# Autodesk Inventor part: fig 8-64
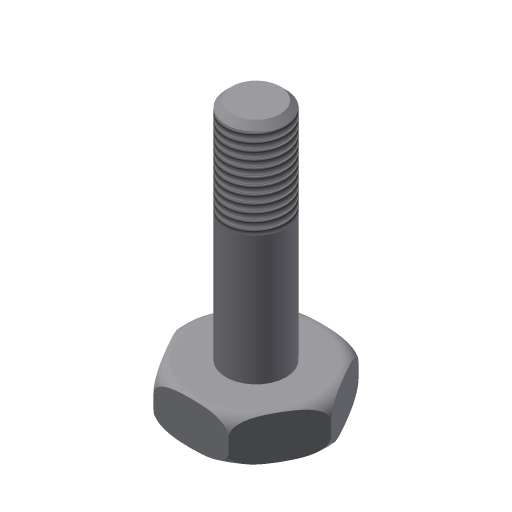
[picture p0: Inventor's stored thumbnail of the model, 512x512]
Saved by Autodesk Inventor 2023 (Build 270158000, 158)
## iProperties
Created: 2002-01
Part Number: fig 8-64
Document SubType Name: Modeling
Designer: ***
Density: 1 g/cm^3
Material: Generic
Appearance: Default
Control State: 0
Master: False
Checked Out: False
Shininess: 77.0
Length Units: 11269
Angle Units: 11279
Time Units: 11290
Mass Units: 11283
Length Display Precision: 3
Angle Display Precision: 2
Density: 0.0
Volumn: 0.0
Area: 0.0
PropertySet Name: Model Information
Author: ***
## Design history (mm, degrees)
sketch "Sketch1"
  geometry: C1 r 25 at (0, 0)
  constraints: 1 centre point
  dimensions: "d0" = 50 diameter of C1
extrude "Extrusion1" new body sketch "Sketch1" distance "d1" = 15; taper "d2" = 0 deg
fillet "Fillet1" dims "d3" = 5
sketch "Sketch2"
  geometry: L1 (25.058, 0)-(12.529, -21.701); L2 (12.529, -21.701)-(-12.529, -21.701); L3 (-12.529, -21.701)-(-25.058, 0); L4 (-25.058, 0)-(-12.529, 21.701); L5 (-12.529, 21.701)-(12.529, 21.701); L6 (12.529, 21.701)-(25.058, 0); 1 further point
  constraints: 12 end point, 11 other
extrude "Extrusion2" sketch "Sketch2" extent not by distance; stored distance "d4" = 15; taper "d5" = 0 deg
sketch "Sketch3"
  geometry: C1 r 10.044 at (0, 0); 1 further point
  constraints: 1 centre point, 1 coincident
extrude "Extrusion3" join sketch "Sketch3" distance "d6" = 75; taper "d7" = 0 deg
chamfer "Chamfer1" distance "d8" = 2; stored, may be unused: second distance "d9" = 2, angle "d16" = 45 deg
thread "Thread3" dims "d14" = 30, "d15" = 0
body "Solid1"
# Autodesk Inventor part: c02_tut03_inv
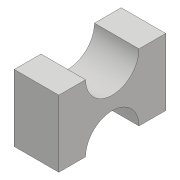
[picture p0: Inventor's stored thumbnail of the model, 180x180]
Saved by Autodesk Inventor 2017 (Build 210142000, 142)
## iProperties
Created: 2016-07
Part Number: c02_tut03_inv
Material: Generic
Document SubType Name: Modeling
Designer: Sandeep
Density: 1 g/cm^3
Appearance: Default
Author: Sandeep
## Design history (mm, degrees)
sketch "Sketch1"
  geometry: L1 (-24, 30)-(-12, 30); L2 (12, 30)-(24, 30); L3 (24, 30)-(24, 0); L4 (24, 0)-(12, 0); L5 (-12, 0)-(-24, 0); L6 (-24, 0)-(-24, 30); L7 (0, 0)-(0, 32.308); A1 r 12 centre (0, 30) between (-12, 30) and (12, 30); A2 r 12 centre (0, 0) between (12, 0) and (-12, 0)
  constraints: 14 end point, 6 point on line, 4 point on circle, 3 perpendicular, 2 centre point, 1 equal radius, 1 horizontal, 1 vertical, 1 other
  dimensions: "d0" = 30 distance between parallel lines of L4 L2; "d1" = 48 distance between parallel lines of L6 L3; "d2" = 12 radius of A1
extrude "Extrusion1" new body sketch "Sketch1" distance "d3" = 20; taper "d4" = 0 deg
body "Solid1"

# Instructions for the task:
Could you transcribe exactly the lines from the start of the records through the line containing "Saved by Autodesk Inventor 2017", both ends included, leaving the pictures out?

# Answer space:
# Autodesk Inventor part: fig 8-64
[picture p0: Inventor's stored thumbnail of the model, 512x512]
Saved by Autodesk Inventor 2023 (Build 270158000, 158)
## iProperties
Created: 2002-01
Part Number: fig 8-64
Document SubType Name: Modeling
Designer: ***
Density: 1 g/cm^3
Material: Generic
Appearance: Default
Control State: 0
Master: False
Checked Out: False
Shininess: 77.0
Length Units: 11269
Angle Units: 11279
Time Units: 11290
Mass Units: 11283
Length Display Precision: 3
Angle Display Precision: 2
Density: 0.0
Volumn: 0.0
Area: 0.0
PropertySet Name: Model Information
Author: ***
## Design history (mm, degrees)
sketch "Sketch1"
  geometry: C1 r 25 at (0, 0)
  constraints: 1 centre point
  dimensions: "d0" = 50 diameter of C1
extrude "Extrusion1" new body sketch "Sketch1" distance "d1" = 15; taper "d2" = 0 deg
fillet "Fillet1" dims "d3" = 5
sketch "Sketch2"
  geometry: L1 (25.058, 0)-(12.529, -21.701); L2 (12.529, -21.701)-(-12.529, -21.701); L3 (-12.529, -21.701)-(-25.058, 0); L4 (-25.058, 0)-(-12.529, 21.701); L5 (-12.529, 21.701)-(12.529, 21.701); L6 (12.529, 21.701)-(25.058, 0); 1 further point
  constraints: 12 end point, 11 other
extrude "Extrusion2" sketch "Sketch2" extent not by distance; stored distance "d4" = 15; taper "d5" = 0 deg
sketch "Sketch3"
  geometry: C1 r 10.044 at (0, 0); 1 further point
  constraints: 1 centre point, 1 coincident
extrude "Extrusion3" join sketch "Sketch3" distance "d6" = 75; taper "d7" = 0 deg
chamfer "Chamfer1" distance "d8" = 2; stored, may be unused: second distance "d9" = 2, angle "d16" = 45 deg
thread "Thread3" dims "d14" = 30, "d15" = 0
body "Solid1"
# Autodesk Inventor part: c02_tut03_inv
[picture p0: Inventor's stored thumbnail of the model, 180x180]
Saved by Autodesk Inventor 2017 (Build 210142000, 142)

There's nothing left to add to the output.